» WHAT YOU HAVE TO DO:
I would like the entries transcribed word for word, please, with the pictures removed.

» DATASET EXCERPTS:
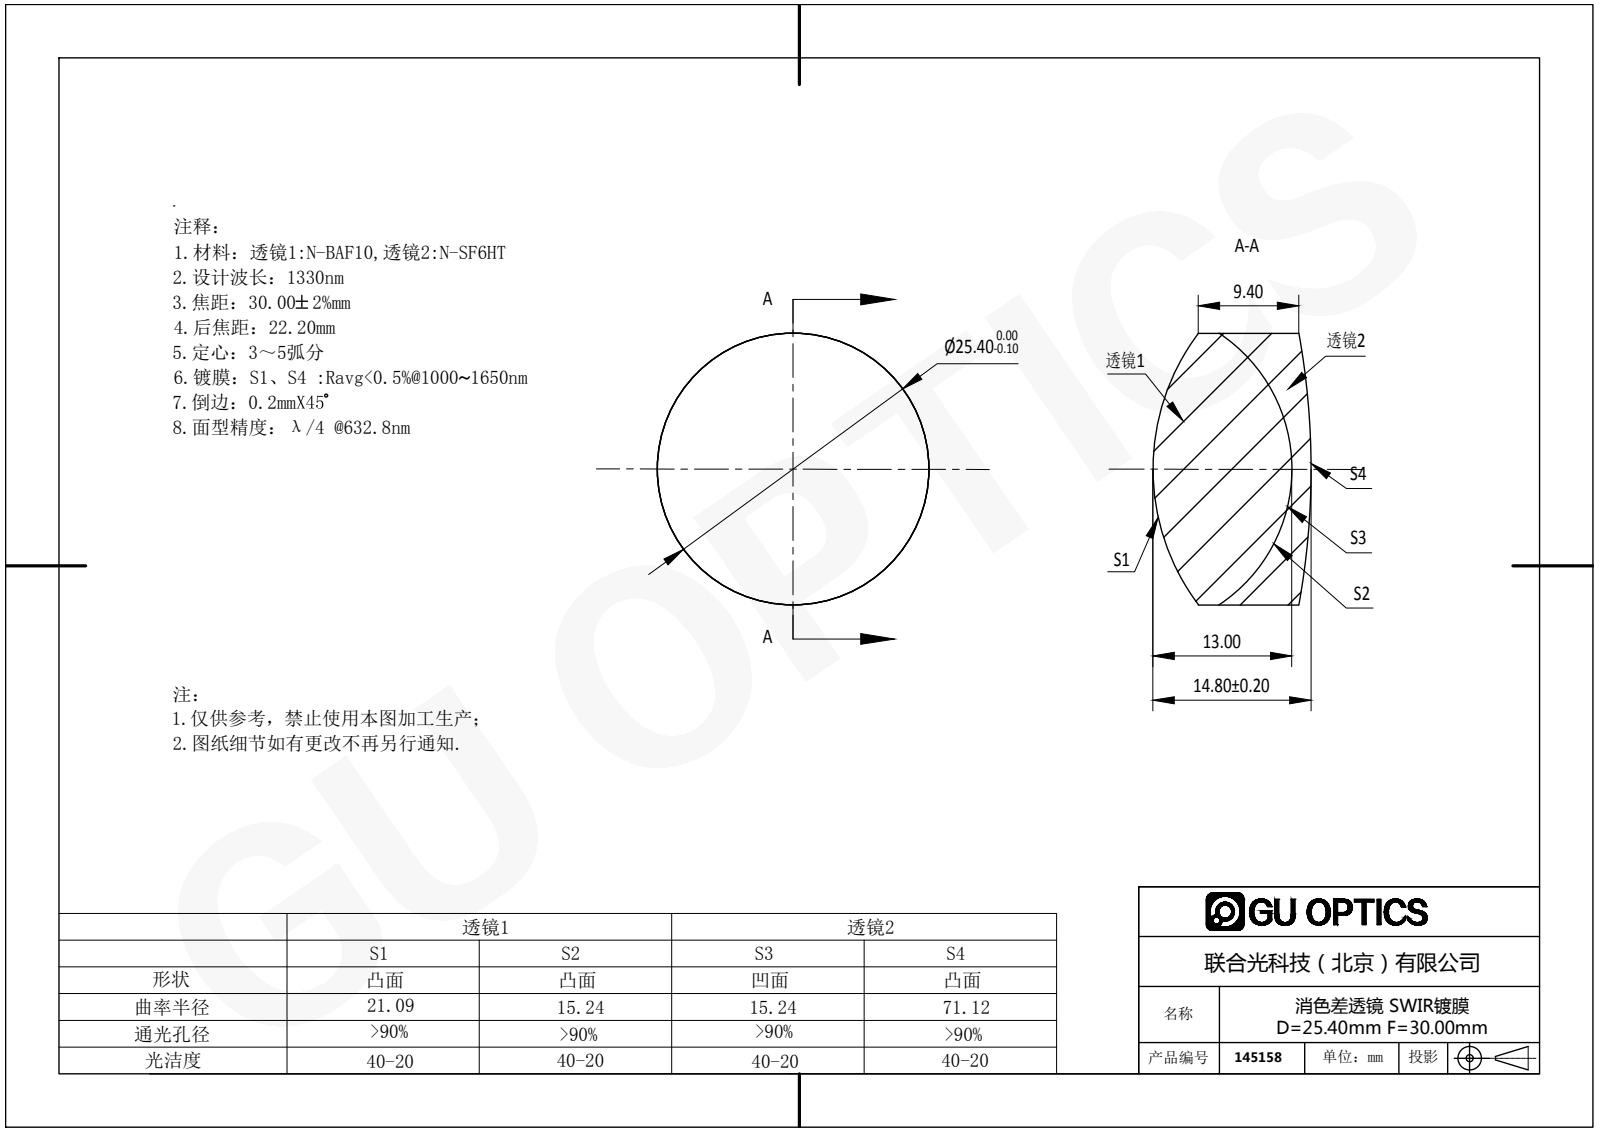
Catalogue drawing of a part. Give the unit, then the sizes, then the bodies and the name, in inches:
Units: inches
Overall size (bounding box): 1 × 1 × 0.583
Round bosses / shafts (diameter × count): ⌀1 ×1
Volume: 0.377 in³ · Surface area: 4.852 in²
Bodies: 2 solids, 12 faces (0 planar, 4 cylindrical, 8 other)
Part name (STEP PRODUCT): 145158
STEP written by: SolidWorks 2016 (AUTOMOTIVE_DESIGN)

» ANSWER TO THE EXERCISE:
Catalogue drawing of a part. Give the unit, then the sizes, then the bodies and the name, in inches:
Units: inches
Overall size (bounding box): 1 × 1 × 0.583
Round bosses / shafts (diameter × count): ⌀1 ×1
Volume: 0.377 in³ · Surface area: 4.852 in²
Bodies: 2 solids, 12 faces (0 planar, 4 cylindrical, 8 other)
Part name (STEP PRODUCT): 145158
STEP written by: SolidWorks 2016 (AUTOMOTIVE_DESIGN)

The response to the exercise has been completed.